Re: spark 2.0 readStream from a REST API

2016-08-02 Thread Ayoub Benali
Why writeStream is needed to consume the data ?

When I tried it I got this exception:

INFO StateStoreCoordinatorRef: Registered StateStoreCoordinator endpoint
> org.apache.spark.sql.AnalysisException: Complete output mode not supported
> when there are no streaming aggregations on streaming DataFrames/Datasets;
> at
> org.apache.spark.sql.catalyst.analysis.UnsupportedOperationChecker$.org$apache$spark$sql$catalyst$analysis$UnsupportedOperationChecker$$throwError(UnsupportedOperationChecker.scala:173)
> at
> org.apache.spark.sql.catalyst.analysis.UnsupportedOperationChecker$.checkForStreaming(UnsupportedOperationChecker.scala:65)
> at
> org.apache.spark.sql.streaming.StreamingQueryManager.startQuery(StreamingQueryManager.scala:236)
> at
> org.apache.spark.sql.streaming.DataStreamWriter.start(DataStreamWriter.scala:287)
> at .(:59)




2016-08-01 18:44 GMT+02:00 Amit Sela <amitsel...@gmail.com>:

> I think you're missing:
>
> val query = wordCounts.writeStream
>
>   .outputMode("complete")
>   .format("console")
>   .start()
>
> Dis it help ?
>
> On Mon, Aug 1, 2016 at 2:44 PM Jacek Laskowski <ja...@japila.pl> wrote:
>
>> On Mon, Aug 1, 2016 at 11:01 AM, Ayoub Benali
>> <benali.ayoub.i...@gmail.com> wrote:
>>
>> > the problem now is that when I consume the dataframe for example with
>> count
>> > I get the stack trace below.
>>
>> Mind sharing the entire pipeline?
>>
>> > I followed the implementation of TextSocketSourceProvider to implement
>> my
>> > data source and Text Socket source is used in the official documentation
>> > here.
>>
>> Right. Completely forgot about the provider. Thanks for reminding me
>> about it!
>>
>> Pozdrawiam,
>> Jacek Laskowski
>> 
>> https://medium.com/@jaceklaskowski/
>> Mastering Apache Spark 2.0 http://bit.ly/mastering-apache-spark
>> Follow me at https://twitter.com/jaceklaskowski
>>
>> -
>> To unsubscribe e-mail: user-unsubscr...@spark.apache.org
>>
>>


Re: spark 2.0 readStream from a REST API

2016-08-02 Thread Ayoub Benali
Hello,

here is the code I am trying to run:


https://gist.github.com/ayoub-benali/a96163c711b4fce1bdddf16b911475f2

Thanks,
Ayoub.

2016-08-01 13:44 GMT+02:00 Jacek Laskowski <ja...@japila.pl>:

> On Mon, Aug 1, 2016 at 11:01 AM, Ayoub Benali
> <benali.ayoub.i...@gmail.com> wrote:
>
> > the problem now is that when I consume the dataframe for example with
> count
> > I get the stack trace below.
>
> Mind sharing the entire pipeline?
>
> > I followed the implementation of TextSocketSourceProvider to implement my
> > data source and Text Socket source is used in the official documentation
> > here.
>
> Right. Completely forgot about the provider. Thanks for reminding me about
> it!
>
> Pozdrawiam,
> Jacek Laskowski
> 
> https://medium.com/@jaceklaskowski/
> Mastering Apache Spark 2.0 http://bit.ly/mastering-apache-spark
> Follow me at https://twitter.com/jaceklaskowski
>


Re: spark 2.0 readStream from a REST API

2016-08-01 Thread Ayoub Benali
Hello,

using the full class name worked, thanks.

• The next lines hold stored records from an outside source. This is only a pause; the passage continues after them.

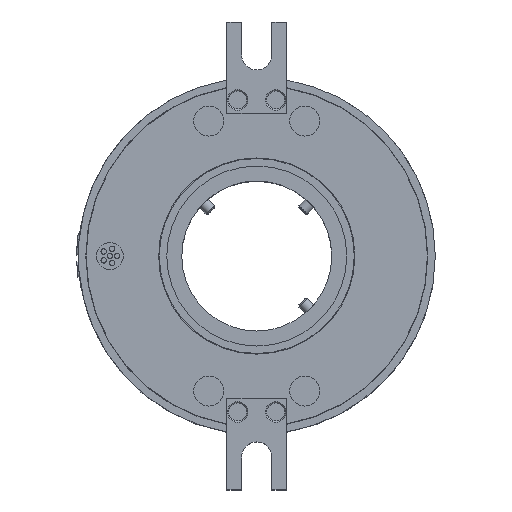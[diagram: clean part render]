
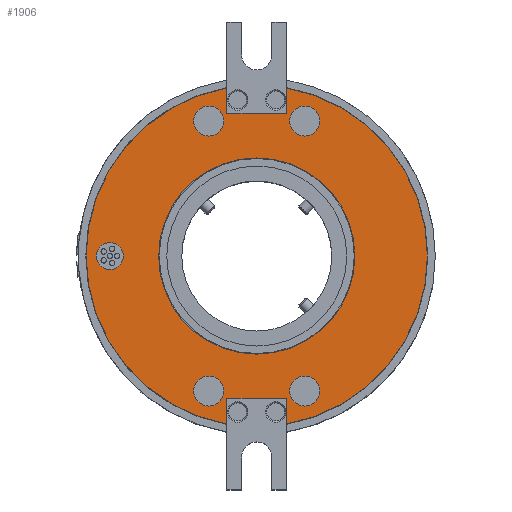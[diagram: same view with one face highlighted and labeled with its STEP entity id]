
A CAD part, top view. The second image highlights one B-rep face of the part: STEP entity #1906.
In plain terms, the highlighted planar face has unit normal (0, 0, 1).
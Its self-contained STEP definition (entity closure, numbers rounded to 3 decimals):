
#219=FACE_BOUND('',#4832,.T.);
#220=FACE_BOUND('',#4833,.T.);
#221=FACE_BOUND('',#4834,.T.);
#222=FACE_BOUND('',#4835,.T.);
#223=FACE_BOUND('',#4836,.T.);
#224=FACE_BOUND('',#4837,.T.);
#225=FACE_BOUND('',#4838,.T.);
#521=CIRCLE('',#16417,56.9);
#522=CIRCLE('',#16418,56.9);
#523=CIRCLE('',#16419,32.7);
#524=CIRCLE('',#16420,5.);
#525=CIRCLE('',#16421,5.);
#526=CIRCLE('',#16422,4.5);
#527=CIRCLE('',#16423,5.);
#528=CIRCLE('',#16424,5.);
#950=PLANE('',#16425);
#1199=LINE('',#30984,#3179);
#1200=LINE('',#30987,#3180);
#1201=LINE('',#30989,#3181);
#1202=LINE('',#30993,#3182);
#1203=LINE('',#30995,#3183);
#1204=LINE('',#30997,#3184);
#1906=ADVANCED_FACE('',(#219,#220,#221,#222,#223,#224,#225),#950,.T.);
#3179=VECTOR('',#17988,1.);
#3180=VECTOR('',#17989,1.);
#3181=VECTOR('',#17990,1.);
#3182=VECTOR('',#17993,1.);
#3183=VECTOR('',#17994,1.);
#3184=VECTOR('',#17995,1.);
#4832=EDGE_LOOP('',(#8067,#8068,#8069,#8070,#8071,#8072,#8073,#8074));
#4833=EDGE_LOOP('',(#8075));
#4834=EDGE_LOOP('',(#8076));
#4835=EDGE_LOOP('',(#8077));
#4836=EDGE_LOOP('',(#8078));
#4837=EDGE_LOOP('',(#8079));
#4838=EDGE_LOOP('',(#8080));
#8067=ORIENTED_EDGE('',*,*,#13198,.F.);
#8068=ORIENTED_EDGE('',*,*,#13199,.F.);
#8069=ORIENTED_EDGE('',*,*,#13200,.F.);
#8070=ORIENTED_EDGE('',*,*,#13201,.F.);
#8071=ORIENTED_EDGE('',*,*,#13202,.F.);
#8072=ORIENTED_EDGE('',*,*,#13203,.F.);
#8073=ORIENTED_EDGE('',*,*,#13204,.F.);
#8074=ORIENTED_EDGE('',*,*,#13205,.F.);
#8075=ORIENTED_EDGE('',*,*,#13206,.F.);
#8076=ORIENTED_EDGE('',*,*,#13207,.T.);
#8077=ORIENTED_EDGE('',*,*,#13208,.T.);
#8078=ORIENTED_EDGE('',*,*,#13209,.T.);
#8079=ORIENTED_EDGE('',*,*,#13210,.T.);
#8080=ORIENTED_EDGE('',*,*,#13211,.T.);
#11062=VERTEX_POINT('',#30985);
#11063=VERTEX_POINT('',#30986);
#11064=VERTEX_POINT('',#30988);
#11065=VERTEX_POINT('',#30990);
#11066=VERTEX_POINT('',#30992);
#11067=VERTEX_POINT('',#30994);
#11068=VERTEX_POINT('',#30996);
#11069=VERTEX_POINT('',#30998);
#11070=VERTEX_POINT('',#31001);
#11071=VERTEX_POINT('',#31003);
#11072=VERTEX_POINT('',#31005);
#11073=VERTEX_POINT('',#31007);
#11074=VERTEX_POINT('',#31009);
#11075=VERTEX_POINT('',#31011);
#13198=EDGE_CURVE('',#11062,#11063,#1199,.T.);
#13199=EDGE_CURVE('',#11064,#11062,#1200,.T.);
#13200=EDGE_CURVE('',#11065,#11064,#1201,.T.);
#13201=EDGE_CURVE('',#11066,#11065,#521,.T.);
#13202=EDGE_CURVE('',#11067,#11066,#1202,.T.);
#13203=EDGE_CURVE('',#11068,#11067,#1203,.T.);
#13204=EDGE_CURVE('',#11069,#11068,#1204,.T.);
#13205=EDGE_CURVE('',#11063,#11069,#522,.T.);
#13206=EDGE_CURVE('',#11070,#11070,#523,.T.);
#13207=EDGE_CURVE('',#11071,#11071,#524,.T.);
#13208=EDGE_CURVE('',#11072,#11072,#525,.T.);
#13209=EDGE_CURVE('',#11073,#11073,#526,.T.);
#13210=EDGE_CURVE('',#11074,#11074,#527,.T.);
#13211=EDGE_CURVE('',#11075,#11075,#528,.T.);
#16417=AXIS2_PLACEMENT_3D('',#30991,#17991,#17992);
#16418=AXIS2_PLACEMENT_3D('',#30999,#17996,#17997);
#16419=AXIS2_PLACEMENT_3D('',#31000,#17998,#17999);
#16420=AXIS2_PLACEMENT_3D('',#31002,#18000,#18001);
#16421=AXIS2_PLACEMENT_3D('',#31004,#18002,#18003);
#16422=AXIS2_PLACEMENT_3D('',#31006,#18004,#18005);
#16423=AXIS2_PLACEMENT_3D('',#31008,#18006,#18007);
#16424=AXIS2_PLACEMENT_3D('',#31010,#18008,#18009);
#16425=AXIS2_PLACEMENT_3D('',#31012,#18010,#18011);
#17988=DIRECTION('',(0.,-1.,0.));
#17989=DIRECTION('',(-1.,0.,0.));
#17990=DIRECTION('',(0.,1.,0.));
#17991=DIRECTION('',(0.,0.,-1.));
#17992=DIRECTION('',(1.,0.,0.));
#17993=DIRECTION('',(0.,1.,0.));
#17994=DIRECTION('',(1.,0.,0.));
#17995=DIRECTION('',(0.,-1.,0.));
#17996=DIRECTION('',(0.,0.,-1.));
#17997=DIRECTION('',(1.,0.,0.));
#17998=DIRECTION('',(0.,0.,1.));
#17999=DIRECTION('',(1.,0.,0.));
#18000=DIRECTION('',(0.,0.,-1.));
#18001=DIRECTION('',(1.,0.,0.));
#18002=DIRECTION('',(0.,0.,-1.));
#18003=DIRECTION('',(1.,0.,0.));
#18004=DIRECTION('',(0.,0.,-1.));
#18005=DIRECTION('',(1.,0.,0.));
#18006=DIRECTION('',(0.,0.,-1.));
#18007=DIRECTION('',(-1.,0.,0.));
#18008=DIRECTION('',(0.,0.,-1.));
#18009=DIRECTION('',(-1.,0.,0.));
#18010=DIRECTION('',(0.,0.,1.));
#18011=DIRECTION('',(1.,0.,0.));
#30984=CARTESIAN_POINT('',(-10.,-62.75,63.5));
#30985=CARTESIAN_POINT('',(-10.,-47.5,63.5));
#30986=CARTESIAN_POINT('',(-10.,-56.014,63.5));
#30987=CARTESIAN_POINT('',(0.,-47.5,63.5));
#30988=CARTESIAN_POINT('',(10.,-47.5,63.5));
#30989=CARTESIAN_POINT('',(10.,-62.75,63.5));
#30990=CARTESIAN_POINT('',(10.,-56.014,63.5));
#30991=CARTESIAN_POINT('',(0.,0.,63.5));
#30992=CARTESIAN_POINT('',(10.,56.014,63.5));
#30993=CARTESIAN_POINT('',(10.,62.75,63.5));
#30994=CARTESIAN_POINT('',(10.,47.5,63.5));
#30995=CARTESIAN_POINT('',(0.,47.5,63.5));
#30996=CARTESIAN_POINT('',(-10.,47.5,63.5));
#30997=CARTESIAN_POINT('',(-10.,62.75,63.5));
#30998=CARTESIAN_POINT('',(-10.,56.014,63.5));
#30999=CARTESIAN_POINT('',(0.,0.,63.5));
#31000=CARTESIAN_POINT('',(0.,0.,63.5));
#31001=CARTESIAN_POINT('',(32.7,0.,63.5));
#31002=CARTESIAN_POINT('',(16.,-45.,63.5));
#31003=CARTESIAN_POINT('',(21.,-45.,63.5));
#31004=CARTESIAN_POINT('',(-16.,-45.,63.5));
#31005=CARTESIAN_POINT('',(-11.,-45.,63.5));
#31006=CARTESIAN_POINT('',(-49.,0.,63.5));
#31007=CARTESIAN_POINT('',(-44.5,0.,63.5));
#31008=CARTESIAN_POINT('',(16.,45.,63.5));
#31009=CARTESIAN_POINT('',(11.,45.,63.5));
#31010=CARTESIAN_POINT('',(-16.,45.,63.5));
#31011=CARTESIAN_POINT('',(-21.,45.,63.5));
#31012=CARTESIAN_POINT('',(0.,0.,63.5));

the problem now is that when I consume the dataframe for example with count
I get the stack trace below.

I followed the implementation of TextSocketSourceProvider
<https://github.com/apache/spark/blob/9e2c763dbb5ac6fc5d2eb0759402504d4b9073a4/sql/core/src/main/scala/org/apache/spark/sql/execution/streaming/socket.scala#L128>
to
implement my data source and Text Socket source is used in the official
documentation here
<https://spark.apache.org/docs/latest/structured-streaming-programming-guide.html#quick-example>
.

Why does count works in the example documentation? is there some other
trait that need to be implemented ?

Thanks,
Ayoub.


org.apache.spark.sql.AnalysisException: Queries with streaming sources must
> be executed with writeStream.start();
> at
> org.apache.spark.sql.catalyst.analysis.UnsupportedOperationChecker$.org$apache$spark$sql$catalyst$analysis$UnsupportedOperationChecker$$throwError(UnsupportedOperationChecker.scala:173)
> at
> org.apache.spark.sql.catalyst.analysis.UnsupportedOperationChecker$$anonfun$checkForBatch$1.apply(UnsupportedOperationChecker.scala:33)
> at
> org.apache.spark.sql.catalyst.analysis.UnsupportedOperationChecker$$anonfun$checkForBatch$1.apply(UnsupportedOperationChecker.scala:31)
> at
> org.apache.spark.sql.catalyst.trees.TreeNode.foreachUp(TreeNode.scala:126)
> at
> org.apache.spark.sql.catalyst.trees.TreeNode$$anonfun$foreachUp$1.apply(TreeNode.scala:125)
> at
> org.apache.spark.sql.catalyst.trees.TreeNode$$anonfun$foreachUp$1.apply(TreeNode.scala:125)
> at scala.collection.immutable.List.foreach(List.scala:318)
> at
> org.apache.spark.sql.catalyst.trees.TreeNode.foreachUp(TreeNode.scala:125)
> at
> org.apache.spark.sql.catalyst.analysis.UnsupportedOperationChecker$.checkForBatch(UnsupportedOperationChecker.scala:31)
> at
> org.apache.spark.sql.execution.QueryExecution.assertSupported(QueryExecution.scala:59)
> at
> org.apache.spark.sql.execution.QueryExecution.withCachedData$lzycompute(QueryExecution.scala:70)
> at
> org.apache.spark.sql.execution.QueryExecution.withCachedData(QueryExecution.scala:68)
> at
> org.apache.spark.sql.execution.QueryExecution.optimizedPlan$lzycompute(QueryExecution.scala:74)
> at
> org.apache.spark.sql.execution.QueryExecution.optimizedPlan(QueryExecution.scala:74)
> at
> org.apache.spark.sql.execution.QueryExecution.sparkPlan$lzycompute(QueryExecution.scala:78)
> at
> org.apache.spark.sql.execution.QueryExecution.sparkPlan(QueryExecution.scala:76)
> at
> org.apache.spark.sql.execution.QueryExecution.executedPlan$lzycompute(QueryExecution.scala:83)
> at
> org.apache.spark.sql.execution.QueryExecution.executedPlan(QueryExecution.scala:83)
> at org.apache.spark.sql.Dataset.withCallback(Dataset.scala:2541)
> at org.apache.spark.sql.Dataset.count(Dataset.scala:2216)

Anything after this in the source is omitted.